- The Washington Times - Tuesday, May 24, 2005

For the first time in decades, Republicans in Congress have an opportunity to entirely repeal a federal tax — squish it like a bug. We are speaking of the death tax, which has been around for about 90 years and now could finally be permanently banished. This would be an enormous victory for the economy — as the confiscatory death tax is a job destroyer and a wrecker of family businesses.

Politically, this would also be a huge coup for Republicans if they can prevail, as death tax repeal has been one of the GOP’s signature promises. One reason for confidence is that the House recently passed H.R. 8, repealing the federal estate tax on a solid vote of 272-162. More than 40 Democrats voted with the Republicans for repeal in 2010.

Some readers may be surprised this issue is still being debated, as the Republicans claimed to have won on death tax repeal back in 2001. But that victory turned out to be mostly symbolic, as the bill repealed the death tax in 2010 and then re-established the tax in 2011. This current bill would drive a stake through the heart of the death tax so after 2010 the tax would be forever gone.

Winning in the Senate won’t be easy. In the last two Congresses, victory has been repelled by Senate Democrats’ use of the filibuster. To overcome this blocking action, Republicans have needed 60 votes and they keep coming up a few short.

That obstructionist strategy has come at a high political price for the Democrats. Last year the American Family Business Institute ran TV and radio ads against then-Senate Minority Leader Tom Daschle of South Dakota. This ad campaign educated voters about Mr. Daschle’s votes against killing the death tax — in a state where about 3 in 4 voters want the death tax extinguished. Mr. Daschle lost, of course, and the death tax campaign clearly contributed to his historic demise.

Many Democrats say we “can’t afford to eliminate the death tax” because of high budget deficits. This excuse is squirrelly, because the tax only raises about 1 percent to 2 percent of all federal tax revenues. It is fiscally irrelevant in the grand scheme of things.

What is clear then is the Democrat’s emotional attachment to this tax is purely a result of the basest of motivations: greed, envy and a hostility to wealth creation.

This is the underlying message of one anti-death tax repeal group called Responsible Wealth, largely funded by Warren Buffet, Bill Gates and other superwealthy Americans who have hid their wealth in trusts and foundations, and thus don’t pay the death tax themselves, but want small farmers, ranchers and successful businessmen to pay the tax.

Many Democrats and liberal pundits remain convinced that inheritance is in some way morally tainted, and that estates should be confiscated to largely “level the playing field.” But the myth of the idle rich has long been debunked, with best-sellers like “The Millionaire Next Door,” revealing that nearly all millionaires are frugal, hard-working Americans.

The death tax penalizes virtue and rewards vice. For those who save and create wealth so they can leave money to their children, the IRS robs them at death. For those who spend down their wealth on a lavish and ostentatious lifestyle, there is no tax. The best way to avoid the death tax is to die broke and leave nothing for posterity. Is that what liberals really mean by tax fairness?
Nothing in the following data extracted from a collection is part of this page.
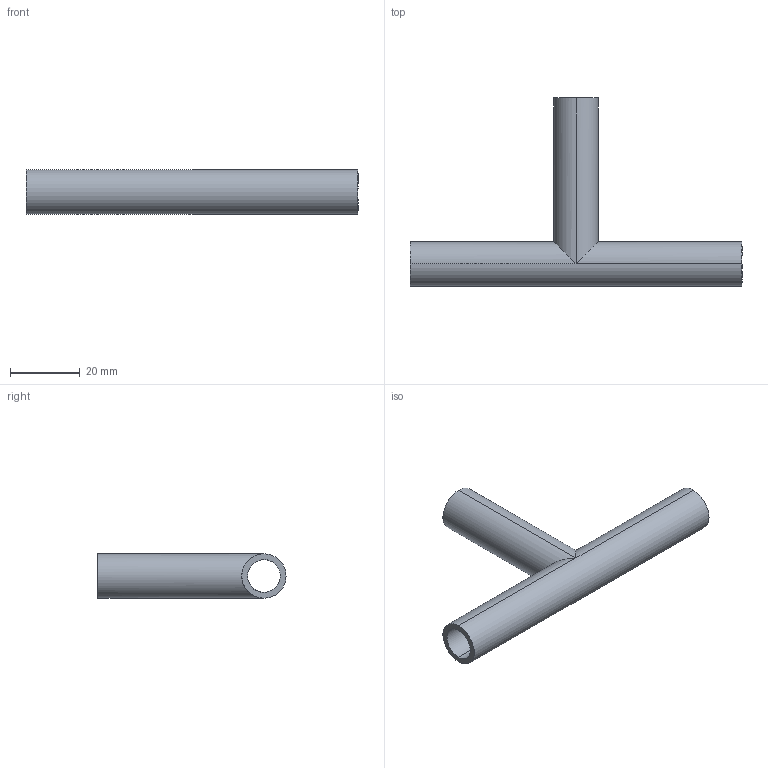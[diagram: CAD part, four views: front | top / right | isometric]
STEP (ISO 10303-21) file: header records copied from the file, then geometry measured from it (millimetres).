
FILE_DESCRIPTION (( 'STEP AP214' ), '1' );
FILE_NAME ('TE7WWW6L.5-...STEP', '2016-05-23T06:12:31', ( 'eran' ), ( '' ), 'SwSTEP 2.0', 'SolidWorks 2016', '' );
FILE_SCHEMA (( 'AUTOMOTIVE_DESIGN' ));
Length unit declared in the file: millimetre
Products named in the file (1): TE7WWW6L.5-..
Bounding box: 95.2 x 53.95 x 12.7 mm (x, y, z)
Volume: 7776.2 mm3; surface area: 9591 mm2
Topology: 1 solids, 1 shells, 13 faces, 28 edges, 16 vertices
Faces by surface type: cylinder 10, plane 3
Entity records: 1130 total; most frequent: CARTESIAN_POINT 831, ORIENTED_EDGE 56, DIRECTION 46, EDGE_CURVE 28, AXIS2_PLACEMENT_3D 17, VERTEX_POINT 16, EDGE_LOOP 16, B_SPLINE_CURVE_WITH_KNOTS 13
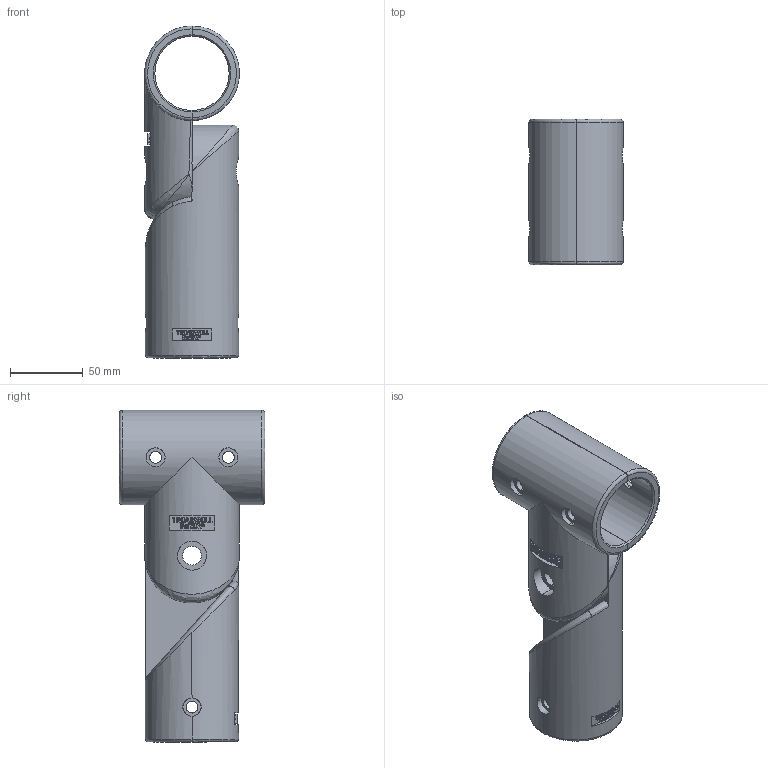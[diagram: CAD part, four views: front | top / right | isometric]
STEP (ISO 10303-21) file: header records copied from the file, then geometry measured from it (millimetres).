
FILE_DESCRIPTION (( 'STEP AP203' ), '1' );
FILE_NAME ('RAILEX STANDARD RXR-ATCJ ASSEMBLY.STEP', '2021-06-17T10:37:16', ( '' ), ( '' ), 'SwSTEP 2.0', 'SolidWorks 2020', '' );
FILE_SCHEMA (( 'CONFIG_CONTROL_DESIGN' ));
Length unit declared in the file: millimetre
Products named in the file (3): RAILEX STANDARD RXR-ATCJ_RXR-ATCJ; RAILEX STANDARD RXR-ATCJ ASSEMBLY; RAILEX STANDARD RXR-ACCJ_RXR-ACCJ
Assembly tree (2 placements, depth 2):
  RAILEX STANDARD RXR-ATCJ ASSEMBLY
    RAILEX STANDARD RXR-ATCJ_RXR-ATCJ
    RAILEX STANDARD RXR-ACCJ_RXR-ACCJ
Bounding box: 65 x 100 x 228 mm (x, y, z)
Volume: 497923.2 mm3; surface area: 99654.6 mm2
Topology: 5 solids, 5 shells, 608 faces, 1622 edges, 1078 vertices
Faces by surface type: plane 376, bspline 174, cylinder 52, cone 6
Entity records: 27401 total; most frequent: CARTESIAN_POINT 13147, ORIENTED_EDGE 3240, DIRECTION 2180, EDGE_CURVE 1620, VECTOR 1138, LINE 1138, VERTEX_POINT 1078, EDGE_LOOP 680

Sen. Jon Kyl, the superbly talented Republican from Arizona, says he may be willing to cut a deal with the Democrats, but only if they agree to a 15 percent capital-gains tax applied to estates, and not 1 percentage point higher. He’s right to draw a clear line in the sand. Democrats have offered up a plan that would “carve out” family businesses from the estate tax, but Dick Patten of the AFBI, characterizes this compromise as “a scam.” He says more than half of family businesses wouldn’t qualify. Moreover, the death tax is unfair to all Americans — whether they have an estate of $10 million or one of $10 billion. The Democrat’s plan makes about as much sense as eliminating the cancer cells in a patient except for a few. Republicans must reject any plan that retains the confiscatory 55 percent tax rate — period.

Sen. Jeff Sessions of Alabama has introduced the best repeal bill of all. It would eliminate the death tax permanently — and immediately this year. The logic here is that if the death tax is profoundly unfair and anti-growth, why wait five years to pull it out by the roots. A Senate vote on the Sessions bill would bring the weight of public opinion to bear on Democrat wafflers, especially if the White House weighs in to raise the public profile of the issue.

This week the Free Enterprise Fund is partnering with the AFBI to roll out a targeted television advertising campaign to solidify waffling Democratic support and to move the one or two additional Democrats needed. The campaign, which will run for two weeks, centers on the moral wrong of imposing a punitive tax on the members of the Greatest Generation. The ad notes that about 1,5000 World War II veterans are dying every day. Their families can’t wait till 2005 for death tax repeal.

Our Founding Founders considered seizing estates so pernicious they included a provision in the Constitution that forbids it as a penalty for treason; it is time to stop applying this confiscatory tax to people whose only crime is achieving the American Dream.

Stephen Moore is president of the Free Enterprise Fund and Phil Kerpen is research director.